** Extracted entries follows **

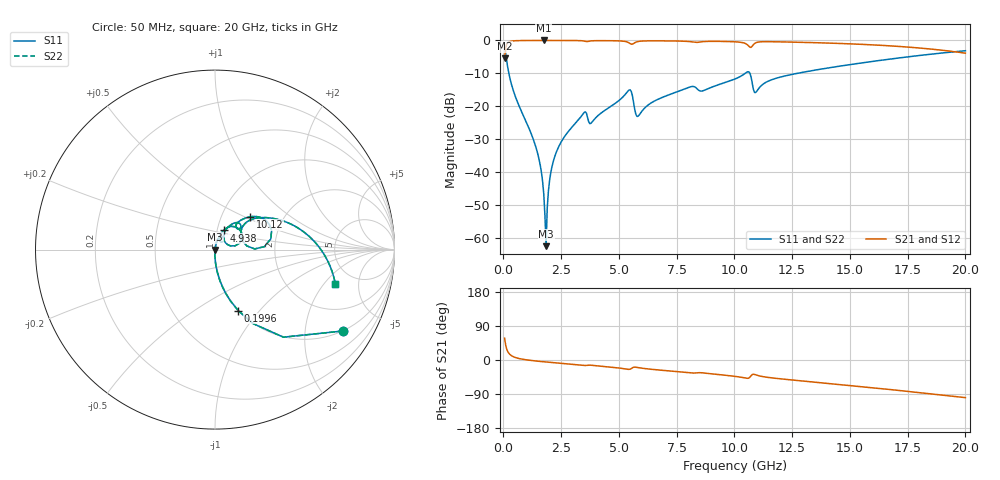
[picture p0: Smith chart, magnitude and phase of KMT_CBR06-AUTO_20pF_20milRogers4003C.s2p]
! Data measured by Modelithics Inc. support@modelithics.com 813-866-6335
! KEMET CBR06-AUTO 20pF, Pad Width= 0.851mm, Pad Length= 0.64mm, Pad Gap= 0.62mm, 20mil Rogers 4003C substrate Data, January 2022
# hz S ma R 50
! 2 Port Network Data from SP1.SP block
! freq  magS11  angS11  magS21  angS21  magS12  angS12  magS22  angS22
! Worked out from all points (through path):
!   401 points, 50 MHz to 20 GHz, reference 50 ohm
!   highest |S21| = -0.01 dB at 1.746 GHz (marker M1); lowest = -5.4 dB at 50 MHz (marker M2)
!   group delay of S21, straight-line fit = 14.2 ps
!   lowest |S11| = -62.6 dB at 1.845 GHz (marker M3), VSWR 1.00, Z = 50.1 + j0.0281 ohm
!   |S11| at or under -10 dB: 234.1 MHz to 10.47 GHz (10.23 GHz wide, 191 % of centre); 10.67 GHz to 12.73 GHz (2.053 GHz wide, 17.5 % of centre)
!   |S22| runs from -62.6 to -1.5 dB; largest |S21 - S12| = 0
!   S11 on the Smith chart (normalised r, x): 50 MHz: 0.99, -3.15; 199.6 MHz: 0.99, -0.78; 4.938 GHz: 1.07, +0.23; 10.12 GHz: 1.37, +0.54; 20 GHz: 3.53, -2.64
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5e7  0.8447 -32.5  0.5349 57.5  0.5349 57.5  0.8447 -32.5
1.99625e8  0.3643 -69.1  0.9309 20.8  0.9309 20.8  0.3643 -69.1
5.4875e8  0.1303 -83.9  0.9911 5.9  0.9911 5.9  0.1303 -83.9
1.4465e9  0.02116 -91.3  0.9991 -2.9  0.9991 -2.9  0.02116 -91.3
1.646e9  0.009753 -90.5  0.9993 -4.1  0.9993 -4.1  0.009753 -90.5
1.74575e9  0.004604 -86.7  0.9993 -4.7  0.9993 -4.7  0.004604 -86.7
1.8455e9  0.0007422 22.2  0.9993 -5.3  0.9993 -5.3  0.0007422 22.2
2.094875e9  0.01173 79.9  0.9991 -6.6  0.9991 -6.6  0.01173 79.9
2.294375e9  0.0202 80.1  0.9989 -7.7  0.9989 -7.7  0.0202 80.1
3.391625e9  0.07197 70.1  0.9896 -13.7  0.9896 -13.7  0.07197 70.1
3.790625e9  0.05496 61.0  0.984 -13.8  0.984 -13.8  0.05496 61.0
4.93775e9  0.117 66.1  0.9864 -20.7  0.9864 -20.7  0.117 66.1
5.486375e9  0.1769 34.0  0.8952 -24.2  0.8952 -24.2  0.1769 34.0
5.8355e9  0.07063 42.3  0.9651 -20.1  0.9651 -20.1  0.07063 42.3
6.73325e9  0.1293 61.1  0.9857 -26.4  0.9857 -26.4  0.1293 61.1
1.0025e10  0.2593 44.1  0.9533 -43.2  0.9533 -43.2  0.2593 44.1
1.012475e10  0.2685 42.9  0.9484 -44.0  0.9484 -44.0  0.2685 42.9
1.06235e10  0.3333 18.8  0.8182 -47.6  0.8182 -47.6  0.3333 18.8
1.092275e10  0.1617 26.0  0.9207 -39.1  0.9207 -39.1  0.1617 26.0
1.336662e10  0.3477 30.6  0.9272 -57.7  0.9272 -57.7  0.3477 30.6
1.670825e10  0.5189 9.4  0.8286 -77.7  0.8286 -77.7  0.5189 9.4
2e10  0.6972 -16.0  0.6398 -99.3  0.6398 -99.3  0.6972 -16.0
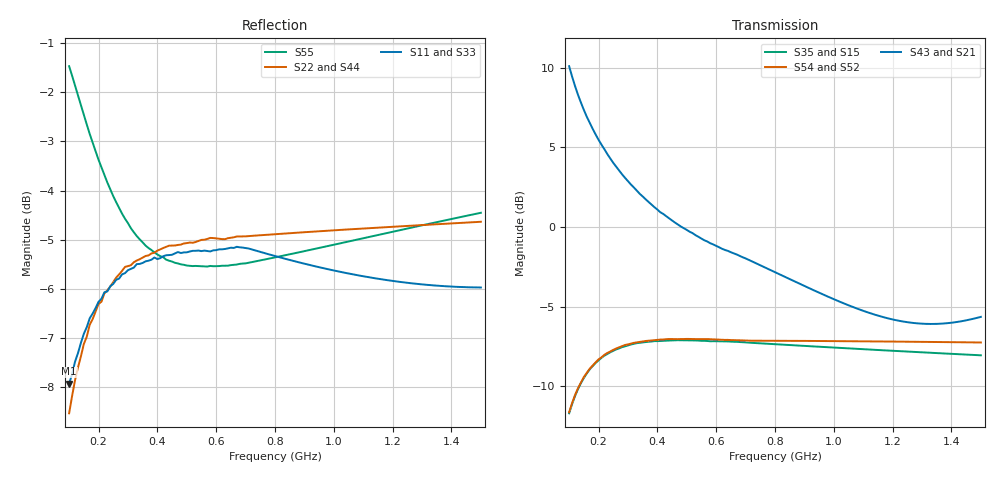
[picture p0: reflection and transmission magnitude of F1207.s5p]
!  POLYFET RF DEVICES
!  S PARAMETER FOR
!  F1207
!  VDS=12.5V IDS=400MA
!  APR 12TH  1996
!AWR Design Environment (2053) Wed Feb 04 14:39:53 2004
!freq-unit  param-type  data-format  keyword  impedance-ohms
# MHz  S  MA  R  50
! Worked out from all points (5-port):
!   141 points, 100 MHz to 1.5 GHz, reference 50 ohm
!   strongest paths, dB at 100 MHz, 450 MHz, 800 MHz, 1.15 GHz, 1.5 GHz:
!     S43: 10.1, 0.4, -2.8, -5.6, -5.6
!     S21: 10.1, 0.4, -2.8, -5.6, -5.6
!     S54: -11.6, -7.0, -7.1, -7.2, -7.3
!     S52: -11.6, -7.0, -7.1, -7.2, -7.3
!     S35: -11.7, -7.1, -7.4, -7.7, -8.1
!     S15: -11.7, -7.1, -7.4, -7.7, -8.1
!   lowest |S11| = -7.9 dB at 100 MHz (marker M1), VSWR 2.34, Z = 31.7 - j29.7 ohm
!   |S11| at or under -10 dB: nowhere

** End of Extracted entries **

• Your objective:
The listing should be transcribed in full, exactly, and without its pictures.

• Result:
[picture p0: Smith chart, magnitude and phase of KMT_CBR06-AUTO_20pF_20milRogers4003C.s2p]
! Data measured by Modelithics Inc. support@modelithics.com 813-866-6335
! KEMET CBR06-AUTO 20pF, Pad Width= 0.851mm, Pad Length= 0.64mm, Pad Gap= 0.62mm, 20mil Rogers 4003C substrate Data, January 2022
# hz S ma R 50
! 2 Port Network Data from SP1.SP block
! freq  magS11  angS11  magS21  angS21  magS12  angS12  magS22  angS22
! Worked out from all points (through path):
!   401 points, 50 MHz to 20 GHz, reference 50 ohm
!   highest |S21| = -0.01 dB at 1.746 GHz (marker M1); lowest = -5.4 dB at 50 MHz (marker M2)
!   group delay of S21, straight-line fit = 14.2 ps
!   lowest |S11| = -62.6 dB at 1.845 GHz (marker M3), VSWR 1.00, Z = 50.1 + j0.0281 ohm
!   |S11| at or under -10 dB: 234.1 MHz to 10.47 GHz (10.23 GHz wide, 191 % of centre); 10.67 GHz to 12.73 GHz (2.053 GHz wide, 17.5 % of centre)
!   |S22| runs from -62.6 to -1.5 dB; largest |S21 - S12| = 0
!   S11 on the Smith chart (normalised r, x): 50 MHz: 0.99, -3.15; 199.6 MHz: 0.99, -0.78; 4.938 GHz: 1.07, +0.23; 10.12 GHz: 1.37, +0.54; 20 GHz: 3.53, -2.64
5e7  0.8447 -32.5  0.5349 57.5  0.5349 57.5  0.8447 -32.5
1.99625e8  0.3643 -69.1  0.9309 20.8  0.9309 20.8  0.3643 -69.1
5.4875e8  0.1303 -83.9  0.9911 5.9  0.9911 5.9  0.1303 -83.9
1.4465e9  0.02116 -91.3  0.9991 -2.9  0.9991 -2.9  0.02116 -91.3
1.646e9  0.009753 -90.5  0.9993 -4.1  0.9993 -4.1  0.009753 -90.5
1.74575e9  0.004604 -86.7  0.9993 -4.7  0.9993 -4.7  0.004604 -86.7
1.8455e9  0.0007422 22.2  0.9993 -5.3  0.9993 -5.3  0.0007422 22.2
2.094875e9  0.01173 79.9  0.9991 -6.6  0.9991 -6.6  0.01173 79.9
2.294375e9  0.0202 80.1  0.9989 -7.7  0.9989 -7.7  0.0202 80.1
3.391625e9  0.07197 70.1  0.9896 -13.7  0.9896 -13.7  0.07197 70.1
3.790625e9  0.05496 61.0  0.984 -13.8  0.984 -13.8  0.05496 61.0
4.93775e9  0.117 66.1  0.9864 -20.7  0.9864 -20.7  0.117 66.1
5.486375e9  0.1769 34.0  0.8952 -24.2  0.8952 -24.2  0.1769 34.0
5.8355e9  0.07063 42.3  0.9651 -20.1  0.9651 -20.1  0.07063 42.3
6.73325e9  0.1293 61.1  0.9857 -26.4  0.9857 -26.4  0.1293 61.1
1.0025e10  0.2593 44.1  0.9533 -43.2  0.9533 -43.2  0.2593 44.1
1.012475e10  0.2685 42.9  0.9484 -44.0  0.9484 -44.0  0.2685 42.9
1.06235e10  0.3333 18.8  0.8182 -47.6  0.8182 -47.6  0.3333 18.8
1.092275e10  0.1617 26.0  0.9207 -39.1  0.9207 -39.1  0.1617 26.0
1.336662e10  0.3477 30.6  0.9272 -57.7  0.9272 -57.7  0.3477 30.6
1.670825e10  0.5189 9.4  0.8286 -77.7  0.8286 -77.7  0.5189 9.4
2e10  0.6972 -16.0  0.6398 -99.3  0.6398 -99.3  0.6972 -16.0
[picture p0: reflection and transmission magnitude of F1207.s5p]
!  POLYFET RF DEVICES
!  S PARAMETER FOR
!  F1207
!  VDS=12.5V IDS=400MA
!  APR 12TH  1996
!AWR Design Environment (2053) Wed Feb 04 14:39:53 2004
!freq-unit  param-type  data-format  keyword  impedance-ohms
# MHz  S  MA  R  50
! Worked out from all points (5-port):
!   141 points, 100 MHz to 1.5 GHz, reference 50 ohm
!   strongest paths, dB at 100 MHz, 450 MHz, 800 MHz, 1.15 GHz, 1.5 GHz:
!     S43: 10.1, 0.4, -2.8, -5.6, -5.6
!     S21: 10.1, 0.4, -2.8, -5.6, -5.6
!     S54: -11.6, -7.0, -7.1, -7.2, -7.3
!     S52: -11.6, -7.0, -7.1, -7.2, -7.3
!     S35: -11.7, -7.1, -7.4, -7.7, -8.1
!     S15: -11.7, -7.1, -7.4, -7.7, -8.1
!   lowest |S11| = -7.9 dB at 100 MHz (marker M1), VSWR 2.34, Z = 31.7 - j29.7 ohm
!   |S11| at or under -10 dB: nowhere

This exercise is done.